● What this task involves
Nothing but the lines from the first line of the entries through the line with "doc.units = 0" should appear in the answer, transcribed exactly and free of pictures.

(Extracted records)
<<<<

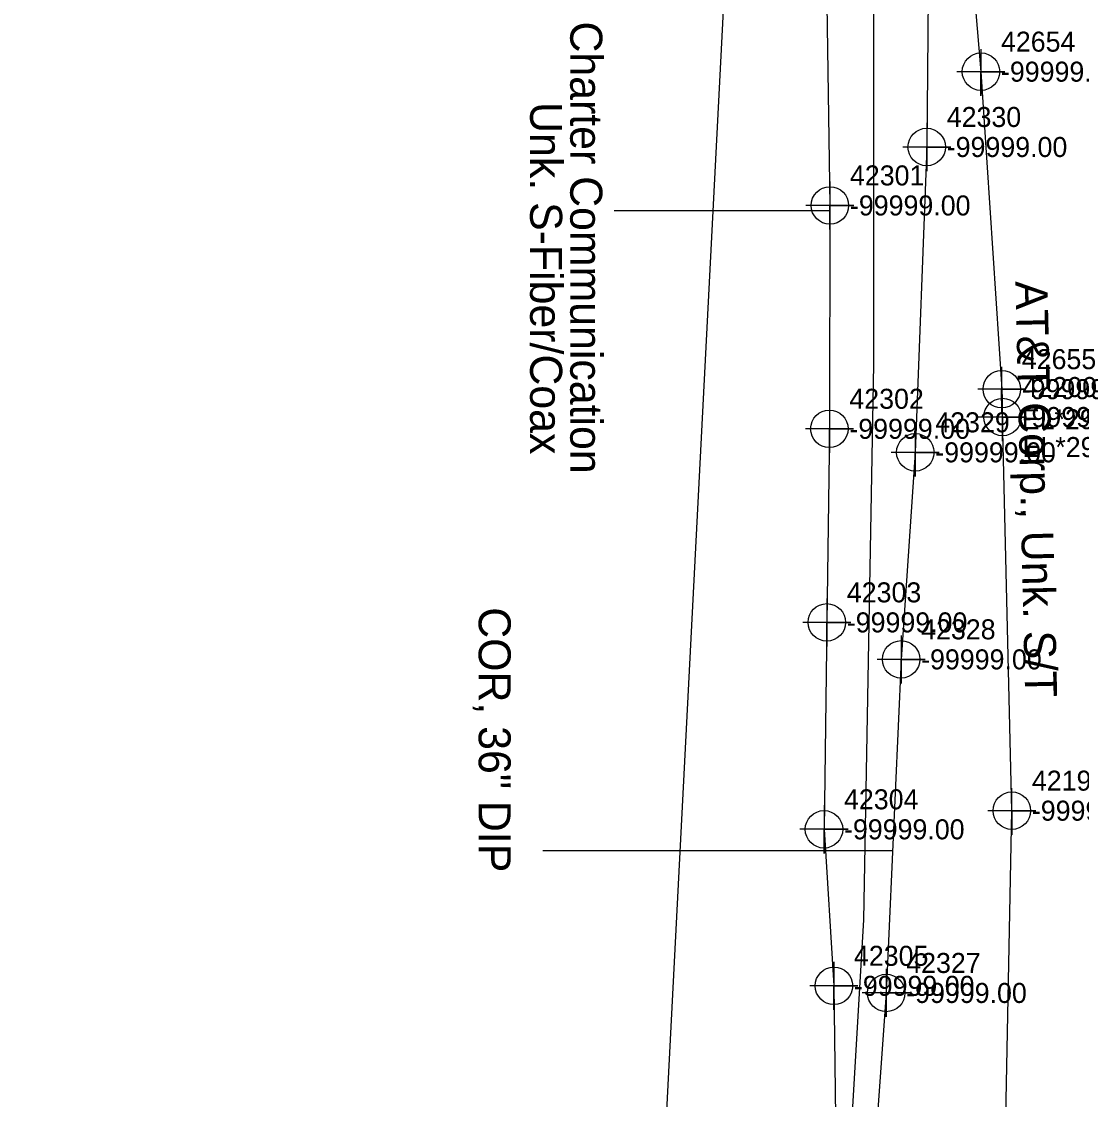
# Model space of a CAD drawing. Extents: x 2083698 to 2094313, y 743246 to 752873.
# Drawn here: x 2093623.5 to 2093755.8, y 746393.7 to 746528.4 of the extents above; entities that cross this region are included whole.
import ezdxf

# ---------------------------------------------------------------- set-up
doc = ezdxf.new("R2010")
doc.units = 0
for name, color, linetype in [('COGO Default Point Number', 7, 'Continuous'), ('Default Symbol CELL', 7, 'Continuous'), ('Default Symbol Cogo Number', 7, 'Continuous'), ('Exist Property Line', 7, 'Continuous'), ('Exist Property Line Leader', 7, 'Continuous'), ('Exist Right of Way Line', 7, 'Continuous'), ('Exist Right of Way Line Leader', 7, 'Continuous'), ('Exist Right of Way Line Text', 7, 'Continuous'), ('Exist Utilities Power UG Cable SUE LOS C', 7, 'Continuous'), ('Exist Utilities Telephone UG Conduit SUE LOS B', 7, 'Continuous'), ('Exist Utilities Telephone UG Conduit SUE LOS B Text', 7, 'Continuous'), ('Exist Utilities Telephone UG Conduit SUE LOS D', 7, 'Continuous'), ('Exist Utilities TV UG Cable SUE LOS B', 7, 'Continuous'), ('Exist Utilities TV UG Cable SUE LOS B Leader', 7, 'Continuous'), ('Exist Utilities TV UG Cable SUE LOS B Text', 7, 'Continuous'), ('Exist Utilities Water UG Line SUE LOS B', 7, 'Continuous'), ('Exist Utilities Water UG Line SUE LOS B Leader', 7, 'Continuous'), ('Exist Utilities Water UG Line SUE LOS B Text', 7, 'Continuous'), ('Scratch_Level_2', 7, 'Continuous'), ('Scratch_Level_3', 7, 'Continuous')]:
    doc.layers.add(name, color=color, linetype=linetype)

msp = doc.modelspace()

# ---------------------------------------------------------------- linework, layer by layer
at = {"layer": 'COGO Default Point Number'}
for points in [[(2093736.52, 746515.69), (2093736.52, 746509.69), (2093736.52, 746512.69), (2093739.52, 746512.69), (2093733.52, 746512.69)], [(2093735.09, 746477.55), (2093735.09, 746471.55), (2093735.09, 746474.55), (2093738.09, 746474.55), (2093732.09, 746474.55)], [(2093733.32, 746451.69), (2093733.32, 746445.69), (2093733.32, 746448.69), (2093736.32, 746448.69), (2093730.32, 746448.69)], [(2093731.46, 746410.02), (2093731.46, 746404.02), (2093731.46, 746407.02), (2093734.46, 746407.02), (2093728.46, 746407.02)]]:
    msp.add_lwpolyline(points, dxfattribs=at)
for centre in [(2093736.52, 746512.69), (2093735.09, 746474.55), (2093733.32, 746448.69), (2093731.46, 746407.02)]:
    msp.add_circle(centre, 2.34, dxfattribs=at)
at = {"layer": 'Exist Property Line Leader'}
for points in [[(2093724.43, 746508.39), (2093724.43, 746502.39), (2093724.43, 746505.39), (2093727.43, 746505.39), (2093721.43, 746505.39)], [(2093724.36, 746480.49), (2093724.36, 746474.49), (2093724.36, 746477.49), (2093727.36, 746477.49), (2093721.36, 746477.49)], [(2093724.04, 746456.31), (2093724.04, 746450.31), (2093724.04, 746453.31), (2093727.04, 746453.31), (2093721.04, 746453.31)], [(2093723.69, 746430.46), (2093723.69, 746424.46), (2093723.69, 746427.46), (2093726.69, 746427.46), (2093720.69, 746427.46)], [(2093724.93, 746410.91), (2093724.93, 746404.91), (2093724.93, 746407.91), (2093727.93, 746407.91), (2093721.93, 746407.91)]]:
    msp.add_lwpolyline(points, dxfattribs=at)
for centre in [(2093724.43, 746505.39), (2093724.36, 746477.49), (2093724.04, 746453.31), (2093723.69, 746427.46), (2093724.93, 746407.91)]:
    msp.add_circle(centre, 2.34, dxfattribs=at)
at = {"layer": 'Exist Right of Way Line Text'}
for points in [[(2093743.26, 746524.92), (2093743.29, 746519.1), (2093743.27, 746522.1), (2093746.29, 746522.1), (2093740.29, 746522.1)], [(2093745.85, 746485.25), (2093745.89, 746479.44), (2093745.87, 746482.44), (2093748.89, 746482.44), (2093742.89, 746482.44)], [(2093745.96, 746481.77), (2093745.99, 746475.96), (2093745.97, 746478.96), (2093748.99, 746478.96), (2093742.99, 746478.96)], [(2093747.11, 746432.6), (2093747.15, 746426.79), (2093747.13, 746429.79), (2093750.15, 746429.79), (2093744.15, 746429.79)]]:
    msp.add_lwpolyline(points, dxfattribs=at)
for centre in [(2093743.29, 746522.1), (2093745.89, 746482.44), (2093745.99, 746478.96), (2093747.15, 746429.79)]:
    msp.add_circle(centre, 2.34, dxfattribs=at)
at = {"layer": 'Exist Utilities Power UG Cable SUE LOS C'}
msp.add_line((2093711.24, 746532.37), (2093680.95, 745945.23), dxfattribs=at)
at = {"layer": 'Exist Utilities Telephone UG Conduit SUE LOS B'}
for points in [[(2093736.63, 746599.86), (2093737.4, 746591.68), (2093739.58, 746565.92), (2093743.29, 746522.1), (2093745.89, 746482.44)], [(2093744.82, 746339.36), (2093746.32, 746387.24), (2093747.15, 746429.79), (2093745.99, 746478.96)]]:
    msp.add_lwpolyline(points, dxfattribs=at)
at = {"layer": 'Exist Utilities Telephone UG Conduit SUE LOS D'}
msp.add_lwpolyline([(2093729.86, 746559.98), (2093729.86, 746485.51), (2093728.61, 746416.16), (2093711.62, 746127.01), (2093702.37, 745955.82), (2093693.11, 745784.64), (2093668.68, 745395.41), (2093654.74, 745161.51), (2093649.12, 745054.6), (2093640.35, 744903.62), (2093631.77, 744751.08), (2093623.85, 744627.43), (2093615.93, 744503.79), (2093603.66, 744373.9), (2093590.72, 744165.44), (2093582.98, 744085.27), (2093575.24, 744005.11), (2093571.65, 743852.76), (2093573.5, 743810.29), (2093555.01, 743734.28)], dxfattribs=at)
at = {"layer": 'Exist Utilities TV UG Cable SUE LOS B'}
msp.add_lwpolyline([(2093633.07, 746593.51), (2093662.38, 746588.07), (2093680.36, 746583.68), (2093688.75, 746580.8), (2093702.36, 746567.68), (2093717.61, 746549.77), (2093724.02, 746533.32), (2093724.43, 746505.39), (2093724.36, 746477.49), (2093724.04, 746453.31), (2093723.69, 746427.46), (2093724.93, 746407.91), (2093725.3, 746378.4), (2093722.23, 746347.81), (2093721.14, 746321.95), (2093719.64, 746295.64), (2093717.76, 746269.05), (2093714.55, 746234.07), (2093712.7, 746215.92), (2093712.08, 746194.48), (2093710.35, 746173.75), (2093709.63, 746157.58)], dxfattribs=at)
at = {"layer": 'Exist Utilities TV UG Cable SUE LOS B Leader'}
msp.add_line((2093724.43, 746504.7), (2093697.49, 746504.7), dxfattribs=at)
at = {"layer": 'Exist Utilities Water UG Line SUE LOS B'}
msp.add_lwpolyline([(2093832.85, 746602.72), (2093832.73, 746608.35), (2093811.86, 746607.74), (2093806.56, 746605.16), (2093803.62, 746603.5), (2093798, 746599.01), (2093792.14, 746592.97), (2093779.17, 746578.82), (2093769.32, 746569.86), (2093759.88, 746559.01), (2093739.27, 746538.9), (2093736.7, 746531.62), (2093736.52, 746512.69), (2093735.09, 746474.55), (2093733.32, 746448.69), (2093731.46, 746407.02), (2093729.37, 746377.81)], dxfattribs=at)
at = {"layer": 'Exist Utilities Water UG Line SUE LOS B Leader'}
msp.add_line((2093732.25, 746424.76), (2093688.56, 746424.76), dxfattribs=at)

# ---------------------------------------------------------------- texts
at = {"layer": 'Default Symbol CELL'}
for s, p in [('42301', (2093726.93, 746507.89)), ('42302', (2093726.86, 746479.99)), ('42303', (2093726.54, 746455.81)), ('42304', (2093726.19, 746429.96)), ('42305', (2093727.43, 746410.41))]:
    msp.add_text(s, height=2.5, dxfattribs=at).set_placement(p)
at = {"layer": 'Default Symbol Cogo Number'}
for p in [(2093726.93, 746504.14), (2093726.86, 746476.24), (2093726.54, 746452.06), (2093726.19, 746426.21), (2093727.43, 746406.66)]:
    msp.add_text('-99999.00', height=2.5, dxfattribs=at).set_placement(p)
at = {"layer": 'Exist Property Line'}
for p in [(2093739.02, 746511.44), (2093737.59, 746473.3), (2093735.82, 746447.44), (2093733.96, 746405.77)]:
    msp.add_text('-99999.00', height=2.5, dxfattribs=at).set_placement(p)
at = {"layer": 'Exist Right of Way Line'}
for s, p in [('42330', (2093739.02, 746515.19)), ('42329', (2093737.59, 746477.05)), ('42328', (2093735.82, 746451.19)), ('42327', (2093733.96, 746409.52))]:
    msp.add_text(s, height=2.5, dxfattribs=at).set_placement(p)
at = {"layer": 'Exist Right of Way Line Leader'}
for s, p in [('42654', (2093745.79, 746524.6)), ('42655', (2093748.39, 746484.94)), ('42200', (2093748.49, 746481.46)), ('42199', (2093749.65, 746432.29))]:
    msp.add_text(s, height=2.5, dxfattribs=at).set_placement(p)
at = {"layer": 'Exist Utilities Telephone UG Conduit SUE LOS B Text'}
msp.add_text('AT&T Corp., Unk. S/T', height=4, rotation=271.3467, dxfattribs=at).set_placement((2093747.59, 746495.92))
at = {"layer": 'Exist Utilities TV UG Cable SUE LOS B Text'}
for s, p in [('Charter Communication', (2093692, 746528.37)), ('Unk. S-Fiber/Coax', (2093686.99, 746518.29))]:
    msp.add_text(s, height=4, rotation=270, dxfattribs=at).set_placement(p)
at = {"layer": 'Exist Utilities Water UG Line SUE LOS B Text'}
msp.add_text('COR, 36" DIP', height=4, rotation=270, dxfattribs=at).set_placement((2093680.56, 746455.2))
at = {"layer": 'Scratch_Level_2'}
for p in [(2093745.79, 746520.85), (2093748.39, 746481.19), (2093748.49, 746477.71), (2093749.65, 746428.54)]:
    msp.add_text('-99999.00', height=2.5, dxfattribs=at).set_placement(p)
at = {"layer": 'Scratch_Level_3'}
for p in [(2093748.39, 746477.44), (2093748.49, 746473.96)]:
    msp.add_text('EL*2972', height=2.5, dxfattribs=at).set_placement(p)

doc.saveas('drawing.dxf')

>>>>

● Written response
# Model space of a CAD drawing. Extents: x 2083698 to 2094313, y 743246 to 752873.
# Drawn here: x 2093623.5 to 2093755.8, y 746393.7 to 746528.4 of the extents above; entities that cross this region are included whole.
import ezdxf

# ---------------------------------------------------------------- set-up
doc = ezdxf.new("R2010")
doc.units = 0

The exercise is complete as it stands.